Here using the 'R0S' method we only changed R so that R have the same subset of records as S. [8,9] is an entity where all records are not in S. Therefore we'll just delete it. [5,6,7] is more problematic. Indeed part of the entity (5) is present in S while part of it (6,7) is not. Let's call it a "mixed entity". By using the 'R0S' reconciliation method the entity [5, 6, 7] transformed into [5]. So we may have lost quite a bit of information about R. Here we get a better estimation of the recall of our entity resolution than in the 'R1S1' method.

Another way to reconcile R and S while keeping more of the information in R is to use 'R1S1' method :

``````from entity_resolution_evaluation import reconcile

R = [[0, 1, 2], [3, 4], [5, 6, 7], [8, 9]]
S = [[0, 1], [2, 3, 4], [5]]

R1, S1 = reconcile(R,S, 'R1S1')

# R1 = [[0, 1, 2], [3, 4], [5, 6, 7]]
# S1 = [[0, 1], [2, 3, 4], [5], [6, 7]]
``````

Here we added the rest of our mixed entity [6,7] in S as another entity. Here we get a better estimation of the precision of our entity resolution than in 'R0S'.

### Qualitative Evaluation

Sure getting a quantitative evaluation of our entity resolution is nice. But to get a better feeling of what went wrong there's no getting around looking at examples of badly resolved entities.

We'll differentiate 2 types of badly resolved entities :

• glued entities are entities of R that glued together a large number of entities of S.
• broken entities are entities of S that were broken in a large number of entities in R.
``````from entity_resolution_evaluation.evaluation import worst_entities

R = [[0, 1, 2], [3, 4], [5]]
S = [[0, 1], [2, 3, 4], [5]]

s_broken_entities, s_r_broken_entities_dic = worst_entities(R,S,'broken')

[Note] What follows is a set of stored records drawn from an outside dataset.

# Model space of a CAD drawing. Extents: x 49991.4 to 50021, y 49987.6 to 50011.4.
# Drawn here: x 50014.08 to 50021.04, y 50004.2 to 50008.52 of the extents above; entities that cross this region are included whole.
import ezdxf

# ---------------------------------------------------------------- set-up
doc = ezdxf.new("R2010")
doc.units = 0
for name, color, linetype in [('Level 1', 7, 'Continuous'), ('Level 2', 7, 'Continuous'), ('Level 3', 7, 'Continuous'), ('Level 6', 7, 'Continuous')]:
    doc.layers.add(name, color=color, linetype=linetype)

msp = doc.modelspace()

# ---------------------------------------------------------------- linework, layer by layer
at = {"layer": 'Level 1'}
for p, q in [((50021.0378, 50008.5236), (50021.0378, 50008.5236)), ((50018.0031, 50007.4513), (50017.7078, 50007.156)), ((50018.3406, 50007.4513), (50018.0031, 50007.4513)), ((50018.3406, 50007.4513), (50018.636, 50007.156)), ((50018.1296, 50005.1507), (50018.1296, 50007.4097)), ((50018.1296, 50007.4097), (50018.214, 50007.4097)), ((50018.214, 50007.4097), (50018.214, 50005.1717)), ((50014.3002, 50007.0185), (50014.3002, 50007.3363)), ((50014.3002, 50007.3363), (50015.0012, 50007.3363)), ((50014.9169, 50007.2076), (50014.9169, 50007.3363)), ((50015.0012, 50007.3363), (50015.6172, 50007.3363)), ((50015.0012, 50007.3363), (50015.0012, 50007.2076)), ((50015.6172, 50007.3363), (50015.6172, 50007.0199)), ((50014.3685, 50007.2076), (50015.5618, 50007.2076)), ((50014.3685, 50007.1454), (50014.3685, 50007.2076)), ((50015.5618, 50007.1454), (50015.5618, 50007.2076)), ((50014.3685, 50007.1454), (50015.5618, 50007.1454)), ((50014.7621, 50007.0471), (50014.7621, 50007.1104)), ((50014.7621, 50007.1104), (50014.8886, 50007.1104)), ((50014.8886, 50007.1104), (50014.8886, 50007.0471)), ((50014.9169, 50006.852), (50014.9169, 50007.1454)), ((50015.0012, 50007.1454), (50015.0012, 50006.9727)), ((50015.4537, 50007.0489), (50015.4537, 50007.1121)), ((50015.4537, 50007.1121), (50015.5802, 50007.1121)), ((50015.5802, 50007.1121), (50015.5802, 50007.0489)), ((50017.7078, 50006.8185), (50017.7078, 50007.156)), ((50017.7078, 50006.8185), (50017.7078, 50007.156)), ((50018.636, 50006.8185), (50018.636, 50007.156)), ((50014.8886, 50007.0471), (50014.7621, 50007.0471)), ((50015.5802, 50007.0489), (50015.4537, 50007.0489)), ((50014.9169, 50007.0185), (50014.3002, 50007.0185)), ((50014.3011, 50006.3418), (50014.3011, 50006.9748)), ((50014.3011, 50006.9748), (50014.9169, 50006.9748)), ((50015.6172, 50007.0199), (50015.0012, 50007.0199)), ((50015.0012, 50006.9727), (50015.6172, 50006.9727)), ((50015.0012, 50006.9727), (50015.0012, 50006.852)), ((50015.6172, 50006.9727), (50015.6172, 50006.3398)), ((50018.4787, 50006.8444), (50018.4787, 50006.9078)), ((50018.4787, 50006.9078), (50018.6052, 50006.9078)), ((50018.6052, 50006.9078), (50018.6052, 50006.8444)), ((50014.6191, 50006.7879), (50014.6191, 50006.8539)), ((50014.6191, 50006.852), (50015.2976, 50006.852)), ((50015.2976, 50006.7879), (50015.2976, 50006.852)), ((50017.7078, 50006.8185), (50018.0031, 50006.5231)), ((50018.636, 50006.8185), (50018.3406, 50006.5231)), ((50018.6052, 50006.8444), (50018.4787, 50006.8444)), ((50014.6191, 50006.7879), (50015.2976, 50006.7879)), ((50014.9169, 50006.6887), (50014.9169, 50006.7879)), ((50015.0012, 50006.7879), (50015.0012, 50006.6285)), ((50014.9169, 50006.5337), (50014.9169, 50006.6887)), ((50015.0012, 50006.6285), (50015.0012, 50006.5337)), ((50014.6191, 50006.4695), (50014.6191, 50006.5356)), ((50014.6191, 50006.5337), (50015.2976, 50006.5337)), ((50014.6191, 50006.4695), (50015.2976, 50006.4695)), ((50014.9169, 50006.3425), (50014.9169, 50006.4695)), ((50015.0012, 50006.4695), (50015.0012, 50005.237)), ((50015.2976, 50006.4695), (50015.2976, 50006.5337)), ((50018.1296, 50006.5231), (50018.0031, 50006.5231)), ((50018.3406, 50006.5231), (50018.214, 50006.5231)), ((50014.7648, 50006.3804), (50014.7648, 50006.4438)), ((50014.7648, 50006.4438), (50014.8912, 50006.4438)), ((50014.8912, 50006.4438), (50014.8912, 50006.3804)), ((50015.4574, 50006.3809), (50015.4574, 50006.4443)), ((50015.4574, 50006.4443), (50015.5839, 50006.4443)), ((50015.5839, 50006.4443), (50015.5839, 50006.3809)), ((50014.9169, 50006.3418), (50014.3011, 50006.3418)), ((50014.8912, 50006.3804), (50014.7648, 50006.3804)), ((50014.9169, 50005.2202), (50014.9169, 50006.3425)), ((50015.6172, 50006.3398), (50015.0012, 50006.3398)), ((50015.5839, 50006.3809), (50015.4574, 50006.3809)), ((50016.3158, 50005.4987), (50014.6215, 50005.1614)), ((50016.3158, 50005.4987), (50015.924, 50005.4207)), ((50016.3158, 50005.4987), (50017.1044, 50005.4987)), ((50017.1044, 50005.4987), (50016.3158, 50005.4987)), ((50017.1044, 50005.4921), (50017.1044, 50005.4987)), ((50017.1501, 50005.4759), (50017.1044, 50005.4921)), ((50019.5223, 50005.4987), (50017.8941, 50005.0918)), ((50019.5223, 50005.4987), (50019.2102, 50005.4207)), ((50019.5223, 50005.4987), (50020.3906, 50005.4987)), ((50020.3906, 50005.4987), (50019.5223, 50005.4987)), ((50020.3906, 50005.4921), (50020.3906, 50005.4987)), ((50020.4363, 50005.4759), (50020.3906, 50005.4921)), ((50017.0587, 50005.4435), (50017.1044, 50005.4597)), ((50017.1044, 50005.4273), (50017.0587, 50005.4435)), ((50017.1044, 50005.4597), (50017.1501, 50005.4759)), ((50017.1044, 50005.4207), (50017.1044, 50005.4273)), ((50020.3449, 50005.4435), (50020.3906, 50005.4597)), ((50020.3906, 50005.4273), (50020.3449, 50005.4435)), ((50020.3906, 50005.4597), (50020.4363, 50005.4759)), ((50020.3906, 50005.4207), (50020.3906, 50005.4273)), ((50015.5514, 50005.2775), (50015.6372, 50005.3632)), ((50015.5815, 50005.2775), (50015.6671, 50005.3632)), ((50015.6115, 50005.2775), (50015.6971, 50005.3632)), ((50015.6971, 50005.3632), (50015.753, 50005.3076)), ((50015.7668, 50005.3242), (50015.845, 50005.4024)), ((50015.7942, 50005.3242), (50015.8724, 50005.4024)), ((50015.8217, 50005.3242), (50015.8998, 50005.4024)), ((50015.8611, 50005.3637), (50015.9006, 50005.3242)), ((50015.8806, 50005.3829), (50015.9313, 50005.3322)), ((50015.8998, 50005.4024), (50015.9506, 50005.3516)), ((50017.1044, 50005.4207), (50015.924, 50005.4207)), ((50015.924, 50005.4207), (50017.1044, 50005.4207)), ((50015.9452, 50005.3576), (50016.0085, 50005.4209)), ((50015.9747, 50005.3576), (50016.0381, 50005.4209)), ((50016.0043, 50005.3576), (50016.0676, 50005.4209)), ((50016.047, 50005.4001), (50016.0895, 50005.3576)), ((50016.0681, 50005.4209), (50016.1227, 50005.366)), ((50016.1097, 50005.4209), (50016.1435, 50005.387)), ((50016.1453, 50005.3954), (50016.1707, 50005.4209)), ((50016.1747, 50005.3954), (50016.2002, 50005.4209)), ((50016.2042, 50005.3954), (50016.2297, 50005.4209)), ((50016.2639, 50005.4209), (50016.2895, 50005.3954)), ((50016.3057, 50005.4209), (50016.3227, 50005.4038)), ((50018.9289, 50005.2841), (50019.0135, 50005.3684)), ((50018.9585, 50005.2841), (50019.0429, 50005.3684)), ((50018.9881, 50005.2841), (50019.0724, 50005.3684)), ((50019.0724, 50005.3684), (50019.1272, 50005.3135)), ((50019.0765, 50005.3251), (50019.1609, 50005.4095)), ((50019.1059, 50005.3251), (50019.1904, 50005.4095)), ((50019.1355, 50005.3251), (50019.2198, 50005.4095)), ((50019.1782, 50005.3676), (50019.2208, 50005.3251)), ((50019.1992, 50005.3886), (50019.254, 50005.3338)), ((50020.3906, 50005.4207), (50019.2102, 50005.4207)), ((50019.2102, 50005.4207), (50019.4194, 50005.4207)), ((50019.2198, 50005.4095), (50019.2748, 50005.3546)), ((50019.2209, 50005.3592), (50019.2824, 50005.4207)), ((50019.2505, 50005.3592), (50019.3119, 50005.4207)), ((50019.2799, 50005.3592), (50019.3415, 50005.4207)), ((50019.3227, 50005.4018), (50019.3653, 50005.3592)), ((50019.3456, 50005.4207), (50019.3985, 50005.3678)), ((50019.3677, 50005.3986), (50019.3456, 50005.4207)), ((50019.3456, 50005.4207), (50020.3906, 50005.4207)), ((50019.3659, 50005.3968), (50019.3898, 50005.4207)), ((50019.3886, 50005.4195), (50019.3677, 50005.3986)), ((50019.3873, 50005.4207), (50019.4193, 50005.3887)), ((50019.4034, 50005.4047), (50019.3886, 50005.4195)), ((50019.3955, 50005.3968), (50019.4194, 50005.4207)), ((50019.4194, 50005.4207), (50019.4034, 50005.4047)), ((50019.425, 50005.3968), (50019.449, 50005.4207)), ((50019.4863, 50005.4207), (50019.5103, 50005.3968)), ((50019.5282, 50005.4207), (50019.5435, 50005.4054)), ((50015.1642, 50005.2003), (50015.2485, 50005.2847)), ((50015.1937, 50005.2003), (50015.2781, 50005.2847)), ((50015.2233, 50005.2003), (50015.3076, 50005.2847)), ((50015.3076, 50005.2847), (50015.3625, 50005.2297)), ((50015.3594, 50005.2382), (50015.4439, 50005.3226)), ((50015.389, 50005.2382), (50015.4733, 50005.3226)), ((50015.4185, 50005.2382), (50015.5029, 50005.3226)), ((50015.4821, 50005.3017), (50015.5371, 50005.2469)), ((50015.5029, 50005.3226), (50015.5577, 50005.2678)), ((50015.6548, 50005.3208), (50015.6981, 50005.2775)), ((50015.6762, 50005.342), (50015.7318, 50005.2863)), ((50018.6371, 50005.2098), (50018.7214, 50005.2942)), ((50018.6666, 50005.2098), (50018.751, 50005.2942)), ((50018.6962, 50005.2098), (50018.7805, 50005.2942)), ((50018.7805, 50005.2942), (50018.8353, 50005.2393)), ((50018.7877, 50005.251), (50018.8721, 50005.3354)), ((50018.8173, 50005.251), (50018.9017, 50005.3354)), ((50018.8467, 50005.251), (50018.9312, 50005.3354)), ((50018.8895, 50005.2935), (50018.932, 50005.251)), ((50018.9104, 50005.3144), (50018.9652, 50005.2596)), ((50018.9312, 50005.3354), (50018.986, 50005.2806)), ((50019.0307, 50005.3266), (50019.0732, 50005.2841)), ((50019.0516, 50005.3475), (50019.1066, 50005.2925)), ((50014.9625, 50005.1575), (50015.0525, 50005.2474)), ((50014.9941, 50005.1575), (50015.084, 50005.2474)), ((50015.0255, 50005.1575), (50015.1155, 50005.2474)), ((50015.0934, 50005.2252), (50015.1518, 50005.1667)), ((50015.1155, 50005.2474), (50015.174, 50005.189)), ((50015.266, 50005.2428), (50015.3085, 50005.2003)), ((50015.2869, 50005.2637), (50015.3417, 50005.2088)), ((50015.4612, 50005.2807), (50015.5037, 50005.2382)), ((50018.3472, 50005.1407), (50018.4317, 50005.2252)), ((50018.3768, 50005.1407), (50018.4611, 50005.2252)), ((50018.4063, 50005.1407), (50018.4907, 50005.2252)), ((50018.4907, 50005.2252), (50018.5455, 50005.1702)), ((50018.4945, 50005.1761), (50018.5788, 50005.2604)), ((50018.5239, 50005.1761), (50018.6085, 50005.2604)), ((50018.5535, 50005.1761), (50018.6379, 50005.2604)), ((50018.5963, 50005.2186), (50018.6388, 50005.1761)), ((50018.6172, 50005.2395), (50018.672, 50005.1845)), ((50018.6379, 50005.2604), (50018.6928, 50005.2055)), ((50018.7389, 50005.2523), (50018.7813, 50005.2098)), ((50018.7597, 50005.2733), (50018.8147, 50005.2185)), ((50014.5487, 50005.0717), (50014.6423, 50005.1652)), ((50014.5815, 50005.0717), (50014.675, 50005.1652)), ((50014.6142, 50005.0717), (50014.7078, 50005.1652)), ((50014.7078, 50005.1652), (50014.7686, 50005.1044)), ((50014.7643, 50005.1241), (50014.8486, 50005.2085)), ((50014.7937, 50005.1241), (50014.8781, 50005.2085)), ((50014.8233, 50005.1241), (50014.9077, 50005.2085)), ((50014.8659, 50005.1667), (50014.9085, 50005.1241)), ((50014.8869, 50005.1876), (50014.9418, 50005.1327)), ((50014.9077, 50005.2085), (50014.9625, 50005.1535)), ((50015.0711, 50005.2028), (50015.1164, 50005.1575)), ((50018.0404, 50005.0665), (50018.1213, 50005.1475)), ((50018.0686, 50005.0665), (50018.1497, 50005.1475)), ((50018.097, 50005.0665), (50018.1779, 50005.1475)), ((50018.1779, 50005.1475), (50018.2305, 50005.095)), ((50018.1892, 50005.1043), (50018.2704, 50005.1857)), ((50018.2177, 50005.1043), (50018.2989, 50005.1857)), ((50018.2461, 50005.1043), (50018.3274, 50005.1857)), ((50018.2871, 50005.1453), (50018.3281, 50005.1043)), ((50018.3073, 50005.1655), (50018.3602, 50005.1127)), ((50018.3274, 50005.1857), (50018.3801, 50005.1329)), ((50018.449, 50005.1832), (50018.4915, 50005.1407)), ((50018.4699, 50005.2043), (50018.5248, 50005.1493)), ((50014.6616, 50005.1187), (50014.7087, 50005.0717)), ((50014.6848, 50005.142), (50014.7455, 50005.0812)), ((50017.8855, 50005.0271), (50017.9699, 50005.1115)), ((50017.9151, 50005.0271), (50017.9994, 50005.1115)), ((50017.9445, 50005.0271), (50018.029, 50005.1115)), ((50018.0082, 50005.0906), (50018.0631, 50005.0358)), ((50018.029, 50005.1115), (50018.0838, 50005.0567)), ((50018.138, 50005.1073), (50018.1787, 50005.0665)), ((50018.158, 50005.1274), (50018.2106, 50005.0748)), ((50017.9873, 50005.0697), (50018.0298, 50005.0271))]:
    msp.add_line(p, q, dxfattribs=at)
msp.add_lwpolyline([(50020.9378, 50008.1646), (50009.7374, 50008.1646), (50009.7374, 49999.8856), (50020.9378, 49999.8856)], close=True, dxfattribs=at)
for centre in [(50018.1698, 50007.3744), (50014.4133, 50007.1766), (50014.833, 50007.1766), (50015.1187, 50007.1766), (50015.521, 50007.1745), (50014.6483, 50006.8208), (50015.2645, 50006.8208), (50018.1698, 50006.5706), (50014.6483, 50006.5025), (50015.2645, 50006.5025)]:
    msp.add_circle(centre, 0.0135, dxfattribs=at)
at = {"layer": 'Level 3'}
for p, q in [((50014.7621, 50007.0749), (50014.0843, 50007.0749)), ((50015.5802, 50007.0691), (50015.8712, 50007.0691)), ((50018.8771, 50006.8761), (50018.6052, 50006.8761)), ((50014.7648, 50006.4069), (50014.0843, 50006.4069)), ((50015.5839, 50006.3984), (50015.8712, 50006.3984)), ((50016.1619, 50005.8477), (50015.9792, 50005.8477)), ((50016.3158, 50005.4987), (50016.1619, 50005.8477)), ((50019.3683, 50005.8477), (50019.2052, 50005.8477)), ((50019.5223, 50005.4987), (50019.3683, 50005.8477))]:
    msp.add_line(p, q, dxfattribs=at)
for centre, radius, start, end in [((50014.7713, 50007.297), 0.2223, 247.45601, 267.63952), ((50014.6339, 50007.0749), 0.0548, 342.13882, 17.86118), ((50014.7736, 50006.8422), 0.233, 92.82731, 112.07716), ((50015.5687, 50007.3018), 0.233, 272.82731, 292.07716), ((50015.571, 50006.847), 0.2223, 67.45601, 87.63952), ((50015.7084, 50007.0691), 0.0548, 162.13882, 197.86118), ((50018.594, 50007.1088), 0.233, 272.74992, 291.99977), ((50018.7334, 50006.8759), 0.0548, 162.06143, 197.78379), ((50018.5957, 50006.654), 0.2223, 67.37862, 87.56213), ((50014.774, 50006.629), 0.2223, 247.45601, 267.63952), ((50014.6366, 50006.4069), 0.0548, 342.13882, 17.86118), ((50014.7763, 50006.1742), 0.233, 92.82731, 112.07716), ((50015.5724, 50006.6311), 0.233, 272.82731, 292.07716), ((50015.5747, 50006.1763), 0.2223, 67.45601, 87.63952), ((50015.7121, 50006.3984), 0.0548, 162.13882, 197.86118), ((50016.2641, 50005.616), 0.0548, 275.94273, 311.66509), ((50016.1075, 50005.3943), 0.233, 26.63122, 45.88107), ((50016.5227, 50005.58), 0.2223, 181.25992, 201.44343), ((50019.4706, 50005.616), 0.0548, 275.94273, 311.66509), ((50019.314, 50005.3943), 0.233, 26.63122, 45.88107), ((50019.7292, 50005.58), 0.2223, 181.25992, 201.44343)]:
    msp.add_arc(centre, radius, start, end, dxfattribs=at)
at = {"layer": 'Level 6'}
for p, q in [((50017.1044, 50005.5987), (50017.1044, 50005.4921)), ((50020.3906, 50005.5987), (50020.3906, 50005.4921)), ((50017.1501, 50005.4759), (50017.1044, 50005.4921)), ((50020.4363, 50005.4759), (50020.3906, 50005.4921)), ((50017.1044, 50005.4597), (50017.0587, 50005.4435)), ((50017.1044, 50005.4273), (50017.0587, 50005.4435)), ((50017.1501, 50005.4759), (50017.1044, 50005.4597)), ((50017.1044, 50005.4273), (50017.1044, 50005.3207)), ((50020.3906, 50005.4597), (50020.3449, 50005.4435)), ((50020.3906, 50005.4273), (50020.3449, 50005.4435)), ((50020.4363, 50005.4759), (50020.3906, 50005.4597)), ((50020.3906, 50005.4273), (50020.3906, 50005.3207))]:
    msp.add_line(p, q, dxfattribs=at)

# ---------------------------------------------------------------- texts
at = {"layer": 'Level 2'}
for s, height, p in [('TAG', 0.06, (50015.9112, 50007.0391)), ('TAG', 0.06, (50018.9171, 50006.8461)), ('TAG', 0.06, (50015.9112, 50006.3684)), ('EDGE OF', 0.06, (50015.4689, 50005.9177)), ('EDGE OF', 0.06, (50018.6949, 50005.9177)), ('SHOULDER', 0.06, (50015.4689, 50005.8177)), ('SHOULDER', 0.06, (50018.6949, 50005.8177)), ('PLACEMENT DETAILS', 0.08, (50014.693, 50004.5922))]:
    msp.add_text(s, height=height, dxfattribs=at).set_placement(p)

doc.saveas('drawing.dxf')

# s_broken_entities = [1, 0, 2]
# s_r_broken_entities_dic = {0: {0}, 1: {0, 1}, 2: {2}}
``````

The worst broken entities are : the second entity (0 indexing) of S ([2,3,4]) which is present in the entities 0 and 1 of R (respectively [0,1,2] and [3,4] ). It's the only entity of S that is broken.

``````from entity_resolution_evaluation.evaluation import worst_entities

R = [[0, 1, 2], [3, 4], [5]]
S = [[0, 1], [2, 3, 4], [5]]

r_glued_entities, r_s_glued_entities_dic = worst_entities(R,S,'glued')

# r_glued_entities = [[0, 1, 2]
# r_s_glued_entities_dic = {0: {0}, 1: {0, 1}, 2: {2}}
``````

The worst glued entities are : the first entity of R ([0,1,2]) which is present in the entities 0 and 1 of S (respectively [0,1] and [2,3,4] ). It's the only entity of R that is glued.